A novel in silico reverse-transcriptomics-based identification and blood-based validation of a panel of sub-type specific biomarkers in lung cancer

Abstract

Lung cancer accounts for the highest number of cancer-related deaths worldwide. Early diagnosis significantly increases the disease-free survival rate and a large amount of effort has been expended in screening trials and the development of early molecular diagnostics. However, a gold standard diagnostic strategy is not yet available. Here, based on miRNA expression profile in lung cancer and using a novel in silico reverse-transcriptomics approach, followed by analysis of the interactome; we have identified potential transcription factor (TF) markers that would facilitate diagnosis of subtype specific lung cancer. A subset of seven TF markers has been used in a microarray screen and was then validated by blood-based qPCR using stage-II and IV non-small cell lung carcinomas (NSCLC). Our results suggest that overexpression of HMGA1, E2F6, IRF1, and TFDP1 and downregulation or no expression of SUV39H1, RBL1, and HNRPD in blood is suitable for diagnosis of lung adenocarcinoma and squamous cell carcinoma sub-types of NSCLC. Here, E2F6 was, for the first time, found to be upregulated in NSCLC blood samples.
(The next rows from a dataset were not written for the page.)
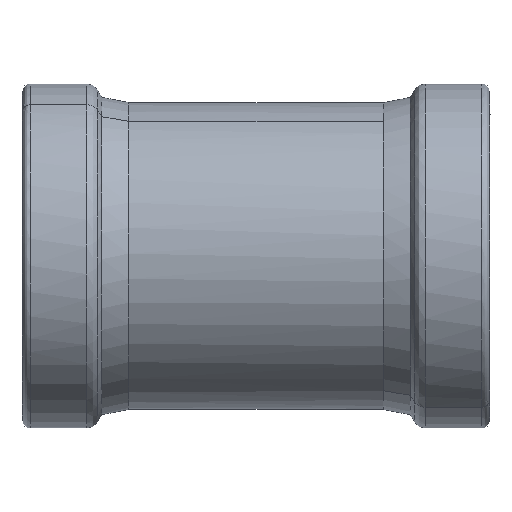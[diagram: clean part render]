
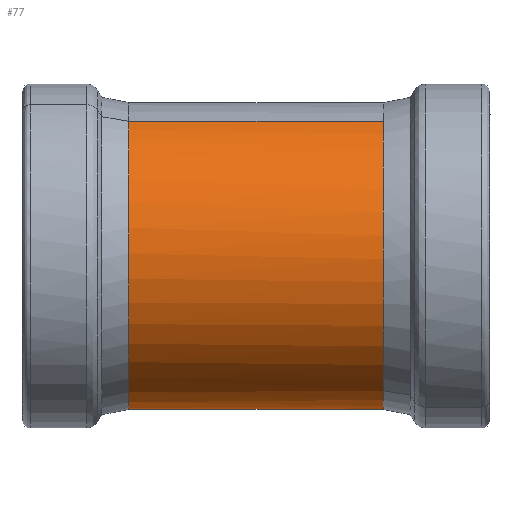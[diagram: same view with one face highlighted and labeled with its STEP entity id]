
A CAD part, front view. The second image highlights one B-rep face of the part: STEP entity #77.
In plain terms, the highlighted free-form (B-spline) face has degree [1, 2] with [2, 9] control points.
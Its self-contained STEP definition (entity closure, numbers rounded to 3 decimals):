
#77=ADVANCED_FACE('',(#169),#170,.T.);
#169=FACE_OUTER_BOUND('',#585,.T.);
#170=(B_SPLINE_SURFACE(1,2,((#587,#588,#589,#590,#591,#592,#593,#594,#595),(#596,#597,#598,#599,#600,#601,#602,#603,#604)),.UNSPECIFIED.,.F.,.T.,.F.)B_SPLINE_SURFACE_WITH_KNOTS((2,2),(3,2,2,2,3),(-0.153,1.506),(0.0,64.403,128.805,193.208,257.611),.UNSPECIFIED.)RATIONAL_B_SPLINE_SURFACE(((1.0,0.707,1.0,0.707,1.0,0.707,1.0,0.707,1.0),(1.0,0.707,1.0,0.707,1.0,0.707,1.0,0.707,1.0)))BOUNDED_SURFACE()REPRESENTATION_ITEM('')GEOMETRIC_REPRESENTATION_ITEM()SURFACE());
#585=EDGE_LOOP('',(#1427,#1428,#1429,#1430,#1431));
#587=CARTESIAN_POINT('',(-34.007,-19.656,35.981));
#588=CARTESIAN_POINT('',(-34.007,16.324,55.637));
#589=CARTESIAN_POINT('',(-34.007,35.981,19.656));
#590=CARTESIAN_POINT('',(-34.007,55.637,-16.324));
#591=CARTESIAN_POINT('',(-34.007,19.656,-35.981));
#592=CARTESIAN_POINT('',(-34.007,-16.324,-55.637));
#593=CARTESIAN_POINT('',(-34.007,-35.981,-19.656));
#594=CARTESIAN_POINT('',(-34.007,-55.637,16.324));
#595=CARTESIAN_POINT('',(-34.007,-19.656,35.981));
#596=CARTESIAN_POINT('',(34.007,-19.656,35.981));
#597=CARTESIAN_POINT('',(34.007,16.324,55.637));
#598=CARTESIAN_POINT('',(34.007,35.981,19.656));
#599=CARTESIAN_POINT('',(34.007,55.637,-16.324));
#600=CARTESIAN_POINT('',(34.007,19.656,-35.981));
#601=CARTESIAN_POINT('',(34.007,-16.324,-55.637));
#602=CARTESIAN_POINT('',(34.007,-35.981,-19.656));
#603=CARTESIAN_POINT('',(34.007,-55.637,16.324));
#604=CARTESIAN_POINT('',(34.007,-19.656,35.981));
#1427=ORIENTED_EDGE('',*,*,#1631,.F.);
#1428=ORIENTED_EDGE('',*,*,#1632,.F.);
#1429=ORIENTED_EDGE('',*,*,#1597,.F.);
#1430=ORIENTED_EDGE('',*,*,#1633,.F.);
#1431=ORIENTED_EDGE('',*,*,#1634,.F.);
#1597=EDGE_CURVE('',#1738,#1740,#1741,.T.);
#1631=EDGE_CURVE('',#1791,#1792,#1793,.T.);
#1632=EDGE_CURVE('',#1740,#1791,#1794,.T.);
#1633=EDGE_CURVE('',#1795,#1738,#1796,.T.);
#1634=EDGE_CURVE('',#1792,#1795,#1797,.T.);
#1738=VERTEX_POINT('',#2088);
#1740=VERTEX_POINT('',#2101);
#1741=(B_SPLINE_CURVE(2,(#2103,#2104,#2105,#2106,#2107,#2108,#2109),.UNSPECIFIED.,.F.,.F.)B_SPLINE_CURVE_WITH_KNOTS((3,2,2,3),(2.571,3.808,5.046,6.283),.UNSPECIFIED.)RATIONAL_B_SPLINE_CURVE((1.0,0.815,1.0,0.815,1.0,0.815,1.0))BOUNDED_CURVE()REPRESENTATION_ITEM('')GEOMETRIC_REPRESENTATION_ITEM()CURVE());
#1791=VERTEX_POINT('',#2385);
#1792=VERTEX_POINT('',#2386);
#1793=B_SPLINE_CURVE_WITH_KNOTS('',1,(#2387,#2388),.UNSPECIFIED.,.F.,.F.,(2,2),(-1.506,0.153),.UNSPECIFIED.);
#1794=(B_SPLINE_CURVE(2,(#2390,#2391,#2392,#2393,#2394,#2395,#2396),.UNSPECIFIED.,.F.,.F.)B_SPLINE_CURVE_WITH_KNOTS((3,2,2,3),(2.571,3.808,5.046,6.283),.UNSPECIFIED.)RATIONAL_B_SPLINE_CURVE((1.0,0.815,1.0,0.815,1.0,0.815,1.0))BOUNDED_CURVE()REPRESENTATION_ITEM('')GEOMETRIC_REPRESENTATION_ITEM()CURVE());
#1795=VERTEX_POINT('',#2403);
#1796=B_SPLINE_CURVE_WITH_KNOTS('',1,(#2404,#2405),.UNSPECIFIED.,.F.,.F.,(2,2),(-0.153,1.506),.UNSPECIFIED.);
#1797=(B_SPLINE_CURVE(2,(#2407,#2408,#2409,#2410,#2411,#2412,#2413),.UNSPECIFIED.,.F.,.F.)B_SPLINE_CURVE_WITH_KNOTS((3,2,2,3),(0.0,1.571,3.142,4.712),.UNSPECIFIED.)RATIONAL_B_SPLINE_CURVE((1.0,0.707,1.0,0.707,1.0,0.707,1.0))BOUNDED_CURVE()REPRESENTATION_ITEM('')GEOMETRIC_REPRESENTATION_ITEM()CURVE());
#2088=CARTESIAN_POINT('',(34.007,-19.656,35.981));
#2101=CARTESIAN_POINT('',(34.007,-19.656,-35.981));
#2103=CARTESIAN_POINT('',(34.007,-19.656,35.981));
#2104=CARTESIAN_POINT('',(34.007,-45.275,21.986));
#2105=CARTESIAN_POINT('',(34.007,-40.432,-6.802));
#2106=CARTESIAN_POINT('',(34.007,-35.589,-35.589));
#2107=CARTESIAN_POINT('',(34.007,-6.802,-40.432));
#2108=CARTESIAN_POINT('',(34.007,21.986,-45.275));
#2109=CARTESIAN_POINT('',(34.007,35.981,-19.656));
#2385=CARTESIAN_POINT('',(34.007,19.656,-35.981));
#2386=CARTESIAN_POINT('',(-34.007,19.656,-35.981));
#2387=CARTESIAN_POINT('',(34.007,19.656,-35.981));
#2388=CARTESIAN_POINT('',(-34.007,19.656,-35.981));
#2390=CARTESIAN_POINT('',(34.007,-19.656,35.981));
#2391=CARTESIAN_POINT('',(34.007,-45.275,21.986));
#2392=CARTESIAN_POINT('',(34.007,-40.432,-6.802));
#2393=CARTESIAN_POINT('',(34.007,-35.589,-35.589));
#2394=CARTESIAN_POINT('',(34.007,-6.802,-40.432));
#2395=CARTESIAN_POINT('',(34.007,21.986,-45.275));
#2396=CARTESIAN_POINT('',(34.007,35.981,-19.656));
#2403=CARTESIAN_POINT('',(-34.007,-19.656,35.981));
#2404=CARTESIAN_POINT('',(-34.007,-19.656,35.981));
#2405=CARTESIAN_POINT('',(34.007,-19.656,35.981));
#2407=CARTESIAN_POINT('',(-34.007,35.981,19.656));
#2408=CARTESIAN_POINT('',(-34.007,55.637,-16.324));
#2409=CARTESIAN_POINT('',(-34.007,19.656,-35.981));
#2410=CARTESIAN_POINT('',(-34.007,-16.324,-55.637));
#2411=CARTESIAN_POINT('',(-34.007,-35.981,-19.656));
#2412=CARTESIAN_POINT('',(-34.007,-55.637,16.324));
#2413=CARTESIAN_POINT('',(-34.007,-19.656,35.981));

The miRNA-TF-miRNA interaction based molecular mechanisms of these seven markers in NSCLC revealed that HMGA1 and TFDP1 play vital roles in lung cancer tumorigenesis. The strategy developed in this work is applicable to any other cancer or disease and can assist in the identification of potential biomarkers.

Figure 1

Flow-diagram showing entire strategy that is applied to identify TF biomarkers in Lung cancer based on miRNA profiles.

Figure 2

Cell cycle specific 26 key interacting TFs that are targets of miRNAs involved in common events in lung cancer as well as in NSCLC and SCLC. The network is created as described in the text. As per our hypothesis, this network also represents interactions of cell cycle regulating miRNAs associated with NSCLC, SCLC, and common events of lung cancer. TFs circled in red are shared by both NSCLC and SCLC. Molecules marked in hexagon are unique to common events. Other molecules in the map are shared by NSCLC and common events of lung cancers.

Figure 3

Cell cycle specific 9 key interacting TFs that are targets of miRNAs involved in SCLC. As per our hypothesis, this network represents interaction of cell cycle regulating miRNAs associated with SCLC. For detail, please see the text.

Figure 4

Interactions of TFs (as per our hypothesis miRNAs) associated with NSCLC and SCLC. TFs circled in red are shared by both NSCLC and SCLC. Molecules marked in star are unique to NSCLC. Other molecules in the map are shared by NSCLC and general events of lung cancers.

Figure 5

Blood based qPCR results for selected seven NSCLC specific markers. As compared to the control; HMGA1, TFPD1, E2F6, and IRF1 are upregulated and SUV39H1, RBL1, and HNRPD are downregulated or not expressed in all tested samples.

Figure 6

The correlations of identified seven TF markers and interacting miRNAs. The interactions provide better insights of molecular events and mechanisms during lung cancer tumorigenesis. For detail, please see the text.